A Guide To Family Finance

Money concepts. Paper family and stacks of coins on white backgroundAccording to many reports, one of the major causes of divorce are financial issues. This is quite an unfortunate statistic since finances are one of the most important factors that should be considered before a couple gets married and starts a family. The truth is, money is a very important factor in life and a lack of money or the poor management of money can wreak havoc in relationships, marriages and families. Therefore, this article will be taking a closer look at financial management in the home and a provide a few guidelines on improving family finance.

The first thing that every family should do is take a close look at the incoming money and monthly expenditure. This means that it is best that the couple record their entire spending for at least one month which includes groceries, household bills, personal expenses etc. This will allow both parties to clearly understand where the money is going and how they can both better control the flow of money in the future. This documentation can be irritating at first, but is only the first step to truly understanding how to manage money.

Next, once the monthly expenditure has been recorded, each person should then account for their expenses. This part can cause many arguments, however, it is important that each person understands the other person’s mentality on money and spending. Some people are naturally irresponsible with money and live in a state of constant debt. Of course, this is why it is crucial that a couple talks about and understands each others spending habits before getting married. For example, if one person is a shopaholic and the other is a proud cheapskate, it doesn’t take a genius to see that this relationship will be in for a rough ride! Financial compatibility is very important and it is best to determine this before marriage.

In the event that an already married couple is financially incompatible, then a middle ground has to be reached. This means that both parties need to meet each other in the middle and compromise. Of course, this can be better helped if both parties can generate more income or work together to reduce some of their expenses.

In addition to working on financial management between a couple, when they have children, the children should also be involved in the finances of the family. Children should be taught the importance of money and they can learn this by being paid for chores or being encouraged to create a small business. Many entrepreneurs start from young and a simple lemonade stand or newspaper delivery service can help them to develop financial intelligence.

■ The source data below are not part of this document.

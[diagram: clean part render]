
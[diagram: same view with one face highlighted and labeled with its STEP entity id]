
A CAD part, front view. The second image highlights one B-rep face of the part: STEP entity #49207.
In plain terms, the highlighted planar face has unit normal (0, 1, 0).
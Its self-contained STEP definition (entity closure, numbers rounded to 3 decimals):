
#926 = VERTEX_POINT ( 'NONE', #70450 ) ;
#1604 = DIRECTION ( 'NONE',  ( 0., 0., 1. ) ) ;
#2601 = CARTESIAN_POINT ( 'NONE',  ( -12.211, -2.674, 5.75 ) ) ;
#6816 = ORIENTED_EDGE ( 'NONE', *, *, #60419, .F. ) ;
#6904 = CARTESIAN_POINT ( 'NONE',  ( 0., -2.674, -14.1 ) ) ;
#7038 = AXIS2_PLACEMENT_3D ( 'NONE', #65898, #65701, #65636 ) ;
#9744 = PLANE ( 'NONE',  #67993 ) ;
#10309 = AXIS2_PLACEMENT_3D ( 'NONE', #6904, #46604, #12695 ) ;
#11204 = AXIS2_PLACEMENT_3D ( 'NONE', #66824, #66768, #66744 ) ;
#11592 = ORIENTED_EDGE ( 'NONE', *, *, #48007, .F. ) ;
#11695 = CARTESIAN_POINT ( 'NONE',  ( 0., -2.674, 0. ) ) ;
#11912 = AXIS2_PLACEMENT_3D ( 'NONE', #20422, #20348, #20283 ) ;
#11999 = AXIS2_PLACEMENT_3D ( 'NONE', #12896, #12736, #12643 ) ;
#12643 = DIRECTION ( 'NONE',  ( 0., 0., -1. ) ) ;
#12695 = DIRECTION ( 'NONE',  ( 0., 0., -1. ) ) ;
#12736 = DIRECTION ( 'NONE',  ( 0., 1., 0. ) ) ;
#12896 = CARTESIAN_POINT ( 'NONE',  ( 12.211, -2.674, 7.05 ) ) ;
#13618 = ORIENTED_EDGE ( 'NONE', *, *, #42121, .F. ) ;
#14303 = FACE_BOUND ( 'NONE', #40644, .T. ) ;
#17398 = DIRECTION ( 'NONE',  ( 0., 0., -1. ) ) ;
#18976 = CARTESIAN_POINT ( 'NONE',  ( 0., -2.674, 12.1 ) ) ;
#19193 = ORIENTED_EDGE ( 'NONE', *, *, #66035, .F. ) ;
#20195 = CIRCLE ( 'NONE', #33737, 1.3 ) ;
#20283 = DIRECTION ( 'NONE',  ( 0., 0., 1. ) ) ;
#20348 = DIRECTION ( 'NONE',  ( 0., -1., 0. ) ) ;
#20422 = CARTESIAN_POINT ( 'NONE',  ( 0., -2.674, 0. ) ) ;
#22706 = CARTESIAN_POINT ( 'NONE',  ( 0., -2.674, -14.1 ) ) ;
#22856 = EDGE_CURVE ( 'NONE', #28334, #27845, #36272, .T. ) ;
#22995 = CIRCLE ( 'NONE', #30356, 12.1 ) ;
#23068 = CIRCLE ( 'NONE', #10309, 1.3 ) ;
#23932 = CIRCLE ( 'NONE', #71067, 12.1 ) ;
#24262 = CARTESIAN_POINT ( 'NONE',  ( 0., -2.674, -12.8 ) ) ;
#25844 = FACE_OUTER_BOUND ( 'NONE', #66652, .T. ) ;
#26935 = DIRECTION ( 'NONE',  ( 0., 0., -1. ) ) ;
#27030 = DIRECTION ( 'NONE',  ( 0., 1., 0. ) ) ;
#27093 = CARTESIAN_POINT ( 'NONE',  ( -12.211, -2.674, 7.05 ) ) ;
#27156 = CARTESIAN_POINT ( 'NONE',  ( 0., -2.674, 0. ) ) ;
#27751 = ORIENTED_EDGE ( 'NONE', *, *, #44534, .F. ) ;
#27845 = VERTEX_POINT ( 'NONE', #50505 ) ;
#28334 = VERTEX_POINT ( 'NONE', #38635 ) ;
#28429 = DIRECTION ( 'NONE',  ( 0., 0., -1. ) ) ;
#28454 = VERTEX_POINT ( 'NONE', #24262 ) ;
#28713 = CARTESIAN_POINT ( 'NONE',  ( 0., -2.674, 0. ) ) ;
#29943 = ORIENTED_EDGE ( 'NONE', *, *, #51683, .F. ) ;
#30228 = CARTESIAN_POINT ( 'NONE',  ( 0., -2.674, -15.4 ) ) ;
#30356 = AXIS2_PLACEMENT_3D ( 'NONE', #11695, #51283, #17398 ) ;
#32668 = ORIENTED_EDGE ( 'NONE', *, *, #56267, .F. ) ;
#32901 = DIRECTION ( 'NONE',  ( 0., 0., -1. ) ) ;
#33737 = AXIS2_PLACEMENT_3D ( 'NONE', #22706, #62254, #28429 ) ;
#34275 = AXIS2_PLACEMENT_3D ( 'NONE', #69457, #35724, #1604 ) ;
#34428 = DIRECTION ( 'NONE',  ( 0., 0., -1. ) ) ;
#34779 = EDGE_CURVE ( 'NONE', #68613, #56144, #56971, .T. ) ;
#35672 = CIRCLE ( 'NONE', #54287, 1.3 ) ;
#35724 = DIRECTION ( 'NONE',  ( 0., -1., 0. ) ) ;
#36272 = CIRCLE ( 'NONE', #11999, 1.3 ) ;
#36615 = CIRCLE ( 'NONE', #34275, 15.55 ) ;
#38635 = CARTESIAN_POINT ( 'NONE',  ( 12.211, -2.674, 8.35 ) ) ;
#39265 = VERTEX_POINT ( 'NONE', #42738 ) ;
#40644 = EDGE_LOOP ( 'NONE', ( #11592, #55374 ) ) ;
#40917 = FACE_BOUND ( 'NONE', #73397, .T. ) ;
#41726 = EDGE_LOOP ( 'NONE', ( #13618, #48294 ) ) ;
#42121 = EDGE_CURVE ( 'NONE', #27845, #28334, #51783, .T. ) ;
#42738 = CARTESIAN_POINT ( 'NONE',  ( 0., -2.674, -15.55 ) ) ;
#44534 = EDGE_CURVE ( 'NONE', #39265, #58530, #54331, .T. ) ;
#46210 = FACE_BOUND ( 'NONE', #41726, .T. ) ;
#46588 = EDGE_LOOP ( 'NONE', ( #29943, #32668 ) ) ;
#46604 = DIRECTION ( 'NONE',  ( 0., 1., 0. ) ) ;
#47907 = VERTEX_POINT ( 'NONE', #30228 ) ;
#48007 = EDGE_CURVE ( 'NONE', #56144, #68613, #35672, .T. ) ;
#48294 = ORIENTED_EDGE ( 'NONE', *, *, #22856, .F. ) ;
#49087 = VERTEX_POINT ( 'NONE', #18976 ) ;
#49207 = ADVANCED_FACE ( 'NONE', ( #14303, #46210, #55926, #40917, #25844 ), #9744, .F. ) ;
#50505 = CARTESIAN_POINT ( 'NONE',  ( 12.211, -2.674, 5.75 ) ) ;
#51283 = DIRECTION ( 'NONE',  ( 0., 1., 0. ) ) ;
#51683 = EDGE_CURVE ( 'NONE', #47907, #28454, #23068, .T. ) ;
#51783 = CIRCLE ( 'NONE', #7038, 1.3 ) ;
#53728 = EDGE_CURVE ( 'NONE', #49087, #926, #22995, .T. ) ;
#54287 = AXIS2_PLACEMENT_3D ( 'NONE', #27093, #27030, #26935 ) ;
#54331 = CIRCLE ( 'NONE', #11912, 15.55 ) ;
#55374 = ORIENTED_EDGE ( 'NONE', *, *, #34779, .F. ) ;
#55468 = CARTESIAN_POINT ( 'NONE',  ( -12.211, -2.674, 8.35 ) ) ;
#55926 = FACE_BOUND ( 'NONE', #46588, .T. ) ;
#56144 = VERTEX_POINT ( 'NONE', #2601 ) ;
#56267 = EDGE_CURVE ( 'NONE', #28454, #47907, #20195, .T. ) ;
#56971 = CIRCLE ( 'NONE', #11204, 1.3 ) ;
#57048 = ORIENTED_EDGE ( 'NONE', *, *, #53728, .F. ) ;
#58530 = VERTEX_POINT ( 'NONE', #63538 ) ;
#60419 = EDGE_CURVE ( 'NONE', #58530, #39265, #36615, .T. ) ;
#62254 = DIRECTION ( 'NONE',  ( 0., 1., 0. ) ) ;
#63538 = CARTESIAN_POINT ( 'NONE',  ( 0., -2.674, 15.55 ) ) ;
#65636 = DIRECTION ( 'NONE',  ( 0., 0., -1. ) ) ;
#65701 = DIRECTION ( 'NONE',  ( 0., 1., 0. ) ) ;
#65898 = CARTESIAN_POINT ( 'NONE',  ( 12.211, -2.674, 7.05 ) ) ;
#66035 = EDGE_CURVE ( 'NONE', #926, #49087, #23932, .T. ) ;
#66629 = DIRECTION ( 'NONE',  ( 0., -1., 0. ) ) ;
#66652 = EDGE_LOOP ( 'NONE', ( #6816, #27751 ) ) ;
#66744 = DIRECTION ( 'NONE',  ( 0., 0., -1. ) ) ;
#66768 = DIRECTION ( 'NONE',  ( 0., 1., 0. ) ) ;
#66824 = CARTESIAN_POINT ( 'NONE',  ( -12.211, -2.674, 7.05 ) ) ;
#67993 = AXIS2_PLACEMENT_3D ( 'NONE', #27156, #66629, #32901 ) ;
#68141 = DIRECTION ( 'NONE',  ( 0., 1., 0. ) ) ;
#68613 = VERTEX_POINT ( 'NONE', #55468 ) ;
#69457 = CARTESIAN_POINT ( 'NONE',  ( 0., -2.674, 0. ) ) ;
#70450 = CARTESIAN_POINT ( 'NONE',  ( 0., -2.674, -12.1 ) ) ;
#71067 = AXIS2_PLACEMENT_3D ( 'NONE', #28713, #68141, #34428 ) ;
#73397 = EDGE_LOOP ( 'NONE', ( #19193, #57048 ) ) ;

As the children get older, they should be allowed to have a say in the family budget and should also be allocated an allowance and budget of their own. As they grow into teenagers and young adults, with jobs of their own, they should also contribute a small percentage to the bills and expenses of the household.

When it comes to family finance, this is an issue that not just one person in the family should be responsible for. Every member of the family should have a say and be able to contribute to the overall financial wellbeing of the household.